**Data excerpts**
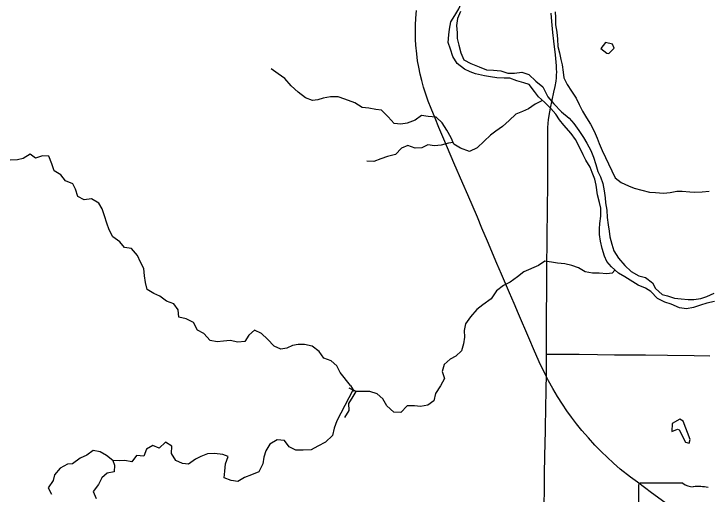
# Model space of a CAD drawing. Extents: x -87 to 2145, y -2128 to 440.
# Drawn here: x -9.26 to 23.88, y -903.47 to -880.51 of the extents above; entities that cross this region are included whole.
import ezdxf

# ---------------------------------------------------------------- set-up
doc = ezdxf.new("R2010")
doc.units = 0
for name, color, linetype in [('GM_X_County_Road', 7, 'Continuous'), ('GM_X_Major_River', 7, 'Continuous'), ('GM_X_Minor_Lake', 7, 'Continuous'), ('GM_X_Minor_River', 7, 'Continuous'), ('GM_X_State_Route', 7, 'Continuous'), ('GM_X_State_Shield', 7, 'Continuous'), ('GM_X_Township_Road', 7, 'Continuous')]:
    doc.layers.add(name, color=color, linetype=linetype)

msp = doc.modelspace()

# ---------------------------------------------------------------- linework, layer by layer
at = {"layer": 'GM_X_County_Road'}
for points in [[(16.164, -896.777), (16.164, -896.677), (16.162, -896.103), (16.162, -895.808), (16.163, -895.562), (16.167, -894.989), (16.17, -894.677), (16.182, -893.923), (16.185, -893.037), (16.187, -892.759), (16.188, -892.71), (16.188, -892.677), (16.188, -892.268), (16.188, -892.235), (16.194, -891.695), (16.201, -890.973), (16.205, -890.678), (16.21, -890.35), (16.216, -889.891), (16.221, -889.53), (16.231, -888.956), (16.235, -888.399), (16.236, -888.006), (16.237, -887.432), (16.236, -886.874), (16.232, -886.267), (16.234, -885.956), (16.244, -885.745), (16.26, -885.583), (16.291, -885.373), (16.357, -885.019), (16.521, -884.249), (16.577, -883.992), (16.621, -883.732), (16.642, -883.569), (16.65, -883.437), (16.654, -883.281), (16.648, -883.159), (16.637, -883.003), (16.589, -882.474), (16.518, -881.818), (16.476, -881.399), (16.427, -880.881), (16.385, -880.473)], [(16.168, -897.858), (16.166, -897.367), (16.164, -896.777)], [(16.063, -904.155), (16.074, -903.072), (16.077, -902.515), (16.093, -901.645), (16.111, -900.448), (16.133, -899.201), (16.144, -898.66), (16.155, -898.349), (16.168, -897.858)]]:
    msp.add_lwpolyline(points, dxfattribs=at)
at = {"layer": 'GM_X_Major_River'}
for points in [[(11.501, -881.508), (11.535, -881.238), (11.601, -880.898), (11.786, -880.59), (11.981, -880.273), (12.117, -879.964), (12.192, -879.645), (12.117, -879.283), (12.023, -878.96), (11.847, -878.657), (11.693, -878.303), (11.448, -877.968)], [(12.069, -880.395), (11.924, -880.733), (11.869, -881.063), (11.903, -881.414), (11.909, -881.685), (11.983, -882.017), (12.078, -882.38), (12.222, -882.713), (12.56, -882.889), (12.948, -883.045), (13.296, -883.181), (13.636, -883.207), (13.986, -883.233), (14.314, -883.349), (14.645, -883.344), (14.996, -883.3), (15.325, -883.415), (15.66, -883.731), (15.986, -884.007), (16.229, -884.473), (16.513, -884.818), (16.878, -885.195), (17.243, -885.492), (17.479, -885.746), (17.714, -886.091), (17.929, -886.425), (18.095, -886.698), (18.289, -887.042), (18.404, -887.355), (18.519, -887.718), (18.624, -888.04), (18.739, -888.303), (18.854, -888.625), (18.919, -888.967), (18.974, -889.299), (18.99, -889.55), (19.054, -889.902), (19.068, -890.253), (19.103, -890.604), (19.158, -890.906), (19.194, -891.167), (19.278, -891.519), (19.383, -891.841), (19.607, -892.196), (19.902, -892.542), (20.208, -892.827), (20.575, -893.034), (20.894, -893.119), (21.22, -893.375), (21.376, -893.638), (21.682, -893.924), (21.941, -893.998), (22.28, -894.104), (22.6, -894.129), (22.929, -894.165), (23.2, -894.159), (23.541, -894.115), (23.813, -894.019), (24.176, -893.865)], [(24.189, -894.256), (23.827, -894.34), (23.516, -894.435), (23.183, -894.55), (22.842, -894.615), (22.523, -894.559), (22.125, -894.392), (21.816, -894.287), (21.468, -894.121), (21.143, -893.785), (20.886, -893.62), (20.548, -893.484), (20.29, -893.32), (19.913, -893.083), (19.606, -892.908), (19.27, -892.611), (19.054, -892.357), (18.928, -892.095), (18.824, -891.732), (18.74, -891.37), (18.695, -891.058), (18.699, -890.788), (18.713, -890.528), (18.759, -890.177), (18.765, -889.807), (18.7, -889.525), (18.605, -889.163), (18.543, -888.7), (18.467, -888.409), (18.352, -888.096), (18.246, -887.844), (18.052, -887.51), (17.915, -887.257), (17.751, -886.913), (17.557, -886.519), (17.341, -886.225), (16.997, -885.828), (16.791, -885.574), (16.605, -885.311), (16.38, -885.036), (16.064, -884.741), (15.778, -884.475), (15.592, -884.222), (15.337, -883.897), (15.078, -883.802), (14.749, -883.707), (14.411, -883.591), (14.15, -883.586), (13.8, -883.571), (13.501, -883.516), (13.211, -883.471), (12.782, -883.383), (12.524, -883.279), (12.245, -883.154), (11.909, -882.888), (11.694, -882.554), (11.59, -882.201), (11.475, -881.878), (11.501, -881.508)]]:
    msp.add_lwpolyline(points, dxfattribs=at)
at = {"layer": 'GM_X_Minor_Lake'}
for points in [[(19.396, -882.152), (19.32, -881.961), (18.991, -881.874), (18.755, -882.169)], [(18.755, -882.169), (19.041, -882.396), (19.141, -882.408), (19.396, -882.152)], [(22.983, -901.032), (23.017, -900.853), (22.693, -899.984), (22.535, -899.881), (22.171, -900.095)], [(22.171, -900.095), (22.153, -900.475), (22.416, -900.36), (22.495, -900.401), (22.794, -900.978), (22.983, -901.032)]]:
    msp.add_lwpolyline(points, dxfattribs=at)
at = {"layer": 'GM_X_Minor_River'}
for points in [[(16.584, -880.419), (16.59, -880.679), (16.604, -881.03), (16.659, -881.382), (16.693, -881.724), (16.708, -882.065), (16.783, -882.377), (16.848, -882.699), (16.914, -882.95), (16.968, -883.302), (16.994, -883.563), (17.149, -883.886), (17.354, -884.2), (17.589, -884.535), (17.724, -884.848), (17.879, -885.161), (18.084, -885.475), (18.27, -885.779), (18.444, -886.123), (18.589, -886.456), (18.685, -886.708), (18.83, -887.041), (18.985, -887.375), (19.13, -887.688), (19.439, -888.354), (19.726, -888.57), (20.074, -888.736), (20.353, -888.84), (20.711, -888.947), (21.09, -889.033), (21.37, -889.058), (21.75, -889.084), (22.071, -889.059), (22.382, -888.994), (22.643, -888.988), (23.003, -889.024), (23.253, -889.028), (23.593, -889.024), (23.924, -888.989)], [(7.023, -884.762), (6.536, -884.589), (6.218, -884.482), (5.857, -884.475), (5.505, -884.548), (5.244, -884.623), (4.993, -884.647), (4.665, -884.531), (4.32, -884.253), (3.986, -883.946), (3.682, -883.599), (3.356, -883.382), (3.031, -883.135)], [(15.971, -884.654), (15.632, -884.834), (15.308, -885.049), (15.026, -885.175), (14.703, -885.3), (14.378, -885.605), (14.063, -885.9), (13.749, -886.116), (13.496, -886.312), (13.191, -886.598), (12.855, -886.913), (12.492, -887.087), (12.054, -886.93), (11.737, -886.744), (11.622, -886.432), (11.407, -886.077), (11.193, -885.723), (10.897, -885.447), (10.517, -885.411), (10.197, -885.376), (9.893, -885.591), (9.521, -885.735), (9.209, -885.781), (8.9, -885.755), (8.614, -885.43), (8.289, -885.114), (8.019, -885.079), (7.69, -885.024), (7.37, -884.988), (7.023, -884.762)], [(11.707, -886.663), (11.487, -886.7), (11.135, -886.784), (10.815, -886.819), (10.495, -886.774), (10.222, -886.92), (9.902, -886.925), (9.553, -886.809), (9.241, -886.934), (8.956, -887.24), (8.584, -887.324), (8.252, -887.439), (7.919, -887.563), (7.589, -887.548)], [(6.804, -898.279), (6.312, -897.658), (6.158, -897.334), (5.892, -897.098), (5.545, -896.971), (5.321, -896.646), (4.975, -896.398), (4.617, -896.321), (4.306, -896.324), (4.035, -896.359), (3.772, -896.494), (3.491, -896.538), (3.173, -896.401), (2.85, -896.064), (2.555, -895.798), (2.227, -895.631), (1.952, -895.866), (1.766, -896.172), (1.425, -896.205), (1.066, -896.118), (0.755, -896.162), (0.444, -896.185), (0.115, -896.119), (-0.189, -895.792), (-0.486, -895.635), (-0.679, -895.271), (-1.036, -895.093), (-1.385, -895.016), (-1.418, -894.665), (-1.622, -894.38), (-1.98, -894.242), (-2.285, -894.006), (-2.583, -893.879), (-2.9, -893.693), (-2.983, -893.36), (-3.017, -893.029), (-3.05, -892.688), (-3.214, -892.374), (-3.358, -892.06), (-3.641, -891.734), (-3.971, -891.687), (-4.205, -891.402), (-4.541, -891.175), (-4.705, -890.841), (-4.828, -890.518), (-4.931, -890.165), (-5.045, -889.832), (-5.21, -889.568), (-5.556, -889.361), (-5.897, -889.404), (-6.204, -889.247), (-6.317, -888.894), (-6.442, -888.641), (-6.8, -888.494), (-7.014, -888.199), (-7.331, -888.012), (-7.444, -887.679), (-7.587, -887.315), (-7.897, -887.299), (-8.23, -887.413), (-8.486, -887.217), (-8.821, -887.42), (-9.083, -887.485), (-9.433, -887.498)], [(19.436, -892.758), (19.306, -892.903), (19.045, -892.938), (18.685, -892.913), (18.365, -892.907), (18.015, -892.841), (17.698, -892.656), (17.379, -892.54), (17.04, -892.454), (16.69, -892.429), (16.411, -892.374), (16.091, -892.329), (15.778, -892.534), (15.092, -892.843), (14.778, -893.089), (14.433, -893.334), (14.12, -893.499), (13.786, -893.754), (13.519, -894.14), (13.134, -894.415), (12.84, -894.65), (12.544, -894.986), (12.299, -895.323), (12.243, -895.643), (12.248, -895.964), (12.203, -896.284), (12.117, -896.623), (11.833, -896.869), (11.57, -897.025), (11.276, -897.271), (11.19, -897.6), (11.305, -897.943), (11.109, -898.29), (10.863, -898.657), (10.787, -899.006), (10.503, -899.222), (10.152, -899.277), (9.862, -899.242), (9.522, -899.246), (9.206, -899.562), (8.876, -899.556), (8.541, -899.25), (8.356, -898.916), (8.08, -898.671), (7.731, -898.565), (7.391, -898.56), (7.08, -898.565), (6.742, -898.409)], [(6.804, -898.279), (6.98, -898.563)], [(6.925, -898.493), (6.165, -899.969), (6.038, -900.317), (5.95, -900.666), (5.613, -900.989), (5.249, -901.182), (4.925, -901.346), (4.554, -901.368), (4.204, -901.361), (3.887, -901.214), (3.653, -900.909), (3.313, -900.872), (2.958, -901.085), (2.772, -901.392), (2.675, -901.7), (2.629, -902.02), (2.431, -902.397), (2.078, -902.54), (1.754, -902.673), (1.43, -902.857), (1.121, -902.811), (0.773, -902.693), (0.809, -902.374), (0.846, -902.024), (0.974, -901.676), (0.715, -901.58), (0.326, -901.522), (-0.015, -901.535), (-0.338, -901.669), (-0.591, -901.804), (-0.926, -902.028), (-1.206, -902.002), (-1.523, -901.855), (-1.727, -901.52), (-1.72, -901.18), (-2.016, -900.983), (-2.322, -901.268), (-2.62, -901.141), (-2.934, -901.315), (-3.051, -901.653), (-3.401, -901.626), (-3.627, -901.932), (-3.957, -901.865), (-4.217, -901.87), (-4.537, -901.863), (-4.833, -901.617), (-5.14, -901.45), (-5.469, -901.384), (-5.774, -901.608), (-6.097, -901.751), (-6.453, -902.025), (-6.704, -902.039), (-7.048, -902.223), (-7.315, -902.548), (-7.38, -902.817), (-7.628, -903.173), (-7.464, -903.476)], [(7.071, -898.56), (6.916, -898.802), (6.711, -899.13), (6.725, -899.471), (6.53, -899.798)], [(-4.537, -901.863), (-4.452, -902.086), (-4.468, -902.406), (-4.8, -902.469), (-5.065, -902.684), (-5.221, -903.011), (-5.468, -903.337), (-5.325, -903.68)]]:
    msp.add_lwpolyline(points, dxfattribs=at)
at = {"layer": 'GM_X_State_Route'}
msp.add_lwpolyline([(21.983, -903.991), (21.175, -903.401), (20.504, -902.903), (20.171, -902.663), (19.69, -902.269), (19.369, -901.99), (19.055, -901.702), (18.785, -901.44), (18.478, -901.122), (18.17, -900.784), (17.859, -900.425), (17.6, -900.108), (17.362, -899.796), (17.143, -899.491), (16.924, -899.164), (16.697, -898.803), (16.473, -898.422), (16.267, -898.05), (16.168, -897.858), (16.064, -897.657), (15.888, -897.287), (15.592, -896.629), (15.317, -895.998), (14.83, -894.851), (14.619, -894.353), (14.402, -893.84), (14.019, -892.951), (13.801, -892.438), (13.352, -891.384), (13.082, -890.752), (12.865, -890.238), (12.405, -889.168), (12.172, -888.626), (11.749, -887.63), (11.268, -886.499), (11.03, -885.941), (10.846, -885.502), (10.655, -885.031), (10.521, -884.68), (10.39, -884.31), (10.296, -884.014), (10.208, -883.7), (10.136, -883.398), (10.067, -883.061), (10.016, -882.755), (9.973, -882.431), (9.93, -882.008), (9.917, -881.746), (9.912, -881.419), (9.918, -881.059), (9.936, -880.716), (9.965, -880.358)], dxfattribs=at)
at = {"layer": 'GM_X_State_Shield'}
for p, q in [((20.566, -903.039), (20.566, -908.322)), ((22.673, -902.948), (20.634, -902.948))]:
    msp.add_line(p, q, dxfattribs=at)
for centre, radius, start, end in [((20.645, -903.028), 0.0806, 98.1301, 188.1301), ((23.158, -902.335), 0.782, 231.6195, 271.1119), ((23.417, -905.914), 2.808, 80.4867, 94.9883)]:
    msp.add_arc(centre, radius, start, end, dxfattribs=at)
at = {"layer": 'GM_X_Township_Road'}
for points in [[(16.164, -896.777), (16.28, -896.777), (17.723, -896.775), (18.594, -896.79)], [(18.594, -896.79), (19.413, -896.805), (20.889, -896.814), (21.94, -896.823), (23.219, -896.838), (23.956, -896.851)]]:
    msp.add_lwpolyline(points, dxfattribs=at)

doc.saveas('drawing.dxf')

**WHAT YOU NEED TO DO**
A single number is the whole answer: the tally of lines above that contain "start".

**RESPONSE BELOW**
2